WORK REQUIRED >> Each line in the entries below that holds the string "contexts" is to be listed.

DATASET EXCERPTS >>
»»
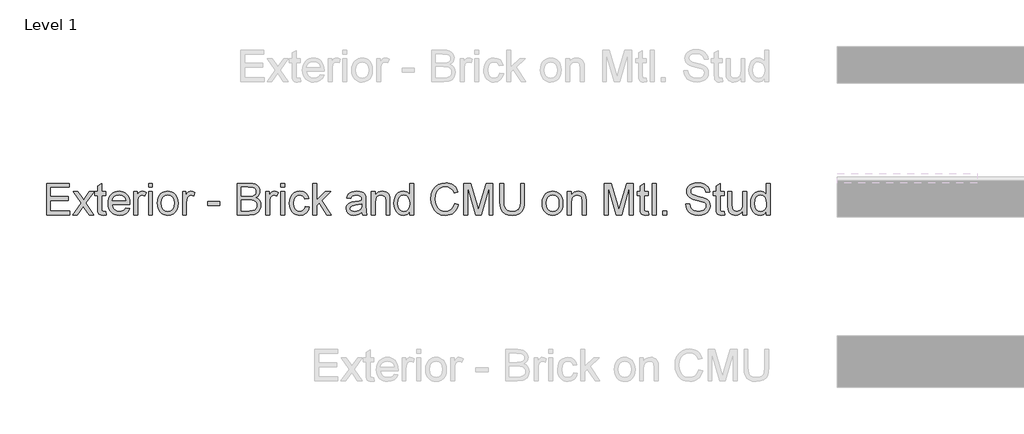
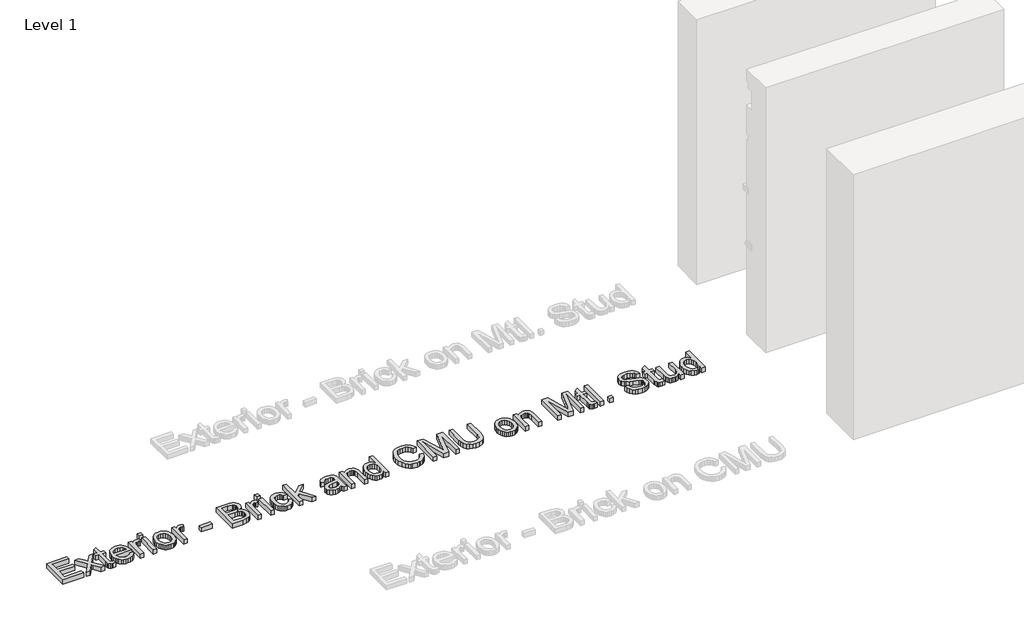
# One storey, part 26 of 42: 1 proxy.
"""IFC4 building model written with IfcOpenShell, lengths in millimetres."""

from ifc_helpers import new_model, si_unit, origin, origin_with_axes, place, context, project, spatial, polyline, outline, extrude, element, save

model = new_model("IFC4")

# Units and contexts
model_context = context("Model", 3, world=origin())
ifc_project = project(units=[si_unit("LENGTHUNIT", "METRE", prefix="MILLI")], contexts=[model_context])

# Site, building, storey
site = spatial("IfcSite", under=ifc_project)
building = spatial("IfcBuilding", under=site)
storey = spatial("IfcBuildingStorey", under=building, Name="Level 1", Elevation=0.0)

# Proxy
placement = place(None, origin())
element("IfcBuildingElementProxy", 1, Name="8\" Arial", ObjectType="8\" Arial", at=placement, inside=storey, context=model_context, shape_type="SweptSolid", body=[
    extrude(outline(polyline([(-6951.4343185, 9947.9863349), (-6951.4343185, 10252.553429), (-6732.5267197, 10252.553429), (-6732.5267197, 10214.4825422), (-6913.3634318, 10214.4825422), (-6913.3634318, 10124.0641861), (-6742.0444414, 10124.0641861), (-6742.0444414, 10085.9932994), (-6913.3634318, 10085.9932994), (-6913.3634318, 9986.0572216), (-6727.7678588, 9986.0572216), (-6727.7678588, 9947.9863349), (-6951.4343185, 9947.9863349)])), origin_with_axes(), (0.0, 0.0, 1.0), 50.8),
    extrude(outline(polyline([(-6699.2146938, 9947.9863349), (-6617.8679162, 10060.4144223), (-6694.4558329, 10171.6527946), (-6648.6517973, 10171.6527946), (-6611.6962685, 10118.1156101), (-6594.445398, 10092.8341619), (-6579.4996006, 10113.5054636), (-6537.413425, 10171.6527946), (-6491.6093894, 10171.6527946), (-6572.0638806, 10060.4144223), (-6494.5836774, 9947.9863349), (-6540.3877131, 9947.9863349), (-6587.0096779, 10015.5770303), (-6595.560756, 10027.9203256), (-6653.4106581, 9947.9863349), (-6699.2146938, 9947.9863349)])), origin_with_axes(), (0.0, 0.0, 1.0), 50.8),
    extrude(outline(polyline([(-6380.3710172, 9979.7368596), (-6375.6121563, 9946.8709769), (-6404.0909642, 9943.227474), (-6422.3642463, 9944.8075646), (-6435.9902033, 9949.5478361), (-6445.6194608, 9956.8534311), (-6451.9026442, 9966.1294919), (-6455.3602541, 9982.0605221), (-6456.5127907, 10009.3310255), (-6456.5127907, 10133.5819078), (-6485.0659557, 10133.5819078), (-6485.0659557, 10171.6527946), (-6456.5127907, 10171.6527946), (-6456.5127907, 10226.0079083), (-6418.4419039, 10248.3894257), (-6418.4419039, 10171.6527946), (-6380.3710172, 10171.6527946), (-6380.3710172, 10133.5819078), (-6418.4419039, 10133.5819078), (-6418.4419039, 10010.4463835), (-6416.4342595, 9990.8160825), (-6409.9280044, 9983.8636842), (-6396.9526729, 9981.2983608), (-6380.3710172, 9979.7368596)])), origin_with_axes(), (0.0, 0.0, 1.0), 50.8),
    extrude(outline(polyline([(-6185.7038657, 10014.6103867), (-6148.376551, 10009.8515259), (-6161.8259096, 9981.7259147), (-6183.2872567, 9960.7014162), (-6212.2772703, 9947.5959596), (-6248.3126287, 9943.227474), (-6271.9349819, 9945.1119643), (-6292.982717, 9950.7654353), (-6311.4558341, 9960.1878868), (-6327.3543331, 9973.3793189), (-6340.1391243, 9989.972593), (-6349.271118, 10009.6005703), (-6354.7503142, 10032.2632509), (-6356.5767129, 10057.9606347), (-6354.7317249, 10084.529392), (-6349.1967608, 10107.9472629), (-6339.9718205, 10128.2142474), (-6327.0569043, 10145.3303455), (-6311.2002312, 10158.9284186), (-6293.1500207, 10168.641328), (-6272.9062728, 10174.4690736), (-6250.4689875, 10176.4116554), (-6228.7543613, 10174.4737209), (-6209.1170893, 10168.6599173), (-6191.5571716, 10158.9702446), (-6176.0746082, 10145.4047027), (-6163.4362078, 10128.3257832), (-6154.4087789, 10108.0959773), (-6148.9923215, 10084.715285), (-6147.1868358, 10058.1837063), (-6147.4099074, 10047.9224126), (-6318.5058262, 10047.9224126), (-6311.9159193, 10019.4250155), (-6296.6076306, 9998.4748742), (-6274.5142473, 9985.5924891), (-6247.5690567, 9981.2983608), (-6227.3067195, 9983.2874159), (-6210.241742, 9989.2545813), (-6196.374124, 9999.5716429), (-6185.7038657, 10014.6103867)]), holes=[polyline([(-6318.5058262, 10085.9932994), (-6185.2577225, 10085.9932994), (-6190.4069587, 10106.1069222), (-6200.5009487, 10120.4950405), (-6222.6965731, 10133.8793366), (-6250.6177019, 10138.3407687), (-6276.2802308, 10134.7809177), (-6297.499917, 10124.1013647), (-6312.2505267, 10107.4546464), (-6318.5058262, 10085.9932994)])]), origin_with_axes(), (0.0, 0.0, 1.0), 50.8),
    extrude(outline(polyline([(-6109.115949, 9947.9863349), (-6109.115949, 10171.6527946), (-6075.8039231, 10171.6527946), (-6075.8039231, 10138.5638403), (-6063.4978064, 10157.7479981), (-6052.1583333, 10169.0502926), (-6040.7816816, 10174.5713147), (-6028.364029, 10176.4116554), (-6009.4029429, 10173.474546), (-5990.1444279, 10164.6632177), (-6002.8595092, 10130.5332626), (-6016.2438053, 10136.3888922), (-6029.6281015, 10138.3407687), (-6040.9954585, 10136.4632494), (-6051.1545111, 10130.8306914), (-6059.3616871, 10121.8706487), (-6064.8734146, 10110.0106752), (-6069.5021503, 10088.7445158), (-6071.0450622, 10065.5450692), (-6071.0450622, 9947.9863349), (-6109.115949, 9947.9863349)])), origin_with_axes(), (0.0, 0.0, 1.0), 50.8),
    extrude(outline(polyline([(-5966.3501237, 10214.4825422), (-5966.3501237, 10252.553429), (-5928.2792369, 10252.553429), (-5928.2792369, 10214.4825422), (-5966.3501237, 10214.4825422)])), origin_with_axes(), (0.0, 0.0, 1.0), 50.8),
    extrude(outline(polyline([(-5966.3501237, 9947.9863349), (-5966.3501237, 10171.6527946), (-5928.2792369, 10171.6527946), (-5928.2792369, 9947.9863349), (-5966.3501237, 9947.9863349)])), origin_with_axes(), (0.0, 0.0, 1.0), 50.8),
    extrude(outline(polyline([(-5880.6906284, 10059.8195647), (-5878.6318635, 10088.7863417), (-5872.4555685, 10113.7471245), (-5862.1617435, 10134.7019132), (-5847.7503885, 10151.6507076), (-5833.2414398, 10162.4836223), (-5817.2267577, 10170.2214185), (-5799.7063422, 10174.8640962), (-5780.6801935, 10176.4116554), (-5759.676608, 10174.5271651), (-5740.6853142, 10168.8736942), (-5723.7063121, 10159.4512427), (-5708.7396018, 10146.2598106), (-5696.524108, 10129.745541), (-5687.7987552, 10110.3545773), (-5682.5635435, 10088.0869193), (-5680.818473, 10062.9425672), (-5683.9042968, 10024.4813051), (-5693.1617683, 9995.2031573), (-5708.3213426, 9973.2770778), (-5729.1134748, 9956.8720204), (-5753.8093601, 9946.6386106), (-5780.6801935, 9943.227474), (-5801.9905025, 9945.1049934), (-5821.1583946, 9950.7375513), (-5838.1838699, 9960.1251479), (-5853.0669284, 9973.2677831), (-5865.1522972, 9989.9423854), (-5873.7847034, 10009.9258831), (-5878.9641472, 10033.2182762), (-5880.6906284, 10059.8195647)]), holes=[polyline([(-5842.6197417, 10059.8939219), (-5838.2140775, 10025.4386541), (-5824.9970851, 10000.8914832), (-5805.1065339, 9986.1966414), (-5780.6801935, 9981.2983608), (-5756.3653889, 9986.2245253), (-5736.5120163, 10001.003019), (-5723.2950239, 10025.8755026), (-5718.8893597, 10061.0836372), (-5723.3229078, 10094.5350828), (-5736.6235521, 10118.7476463), (-5756.5048086, 10133.4424881), (-5780.6801935, 10138.3407687), (-5805.1065339, 10133.4610774), (-5824.9970851, 10118.8220035), (-5838.2140775, 10094.3306005), (-5842.6197417, 10059.8939219)])]), origin_with_axes(), (0.0, 0.0, 1.0), 50.8),
    extrude(outline(polyline([(-5637.9887254, 9947.9863349), (-5637.9887254, 10171.6527946), (-5604.6766995, 10171.6527946), (-5604.6766995, 10138.5638403), (-5592.3705827, 10157.7479981), (-5581.0311096, 10169.0502926), (-5569.6544579, 10174.5713147), (-5557.2368054, 10176.4116554), (-5538.2757192, 10173.474546), (-5519.0172042, 10164.6632177), (-5531.7322856, 10130.5332626), (-5545.1165817, 10136.3888922), (-5558.5008778, 10138.3407687), (-5569.8682349, 10136.4632494), (-5580.0272874, 10130.8306914), (-5588.2344634, 10121.8706487), (-5593.7461909, 10110.0106752), (-5598.3749267, 10088.7445158), (-5599.9178386, 10065.5450692), (-5599.9178386, 9947.9863349), (-5637.9887254, 9947.9863349)])), origin_with_axes(), (0.0, 0.0, 1.0), 50.8),
    extrude(outline(polyline([(-5395.2868223, 10038.4046909), (-5395.2868223, 10076.4755777), (-5276.3153012, 10076.4755777), (-5276.3153012, 10038.4046909), (-5395.2868223, 10038.4046909)])), origin_with_axes(), (0.0, 0.0, 1.0), 50.8),
    extrude(outline(polyline([(-5109.7551716, 9947.9863349), (-5109.7551716, 10252.553429), (-4993.5348669, 10252.553429), (-4961.5705652, 10250.3134183), (-4936.6144298, 10243.5933863), (-4917.4860399, 10232.2260292), (-4903.004975, 10216.0440434), (-4893.8869233, 10197.0086), (-4890.8475727, 10177.0808702), (-4893.4036015, 10158.7425256), (-4901.0716878, 10141.5009497), (-4913.9075996, 10126.4157326), (-4931.9671047, 10114.5464645), (-4910.3942219, 10103.2813486), (-4894.453897, 10086.1420138), (-4884.6108625, 10064.2624075), (-4881.329851, 10038.7764769), (-4883.5698617, 10017.5382015), (-4890.2898937, 9997.842838), (-4900.3188212, 9981.0938785), (-4912.4855181, 9968.6948153), (-4927.3848422, 9959.7161833), (-4945.611651, 9953.2285175), (-4994.4271533, 9947.9863349), (-5109.7551716, 9947.9863349)]), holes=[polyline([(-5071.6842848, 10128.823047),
««
THE ANSWER >>
# Units and contexts
ifc_project = project(units=[si_unit("LENGTHUNIT", "METRE", prefix="MILLI")], contexts=[model_context])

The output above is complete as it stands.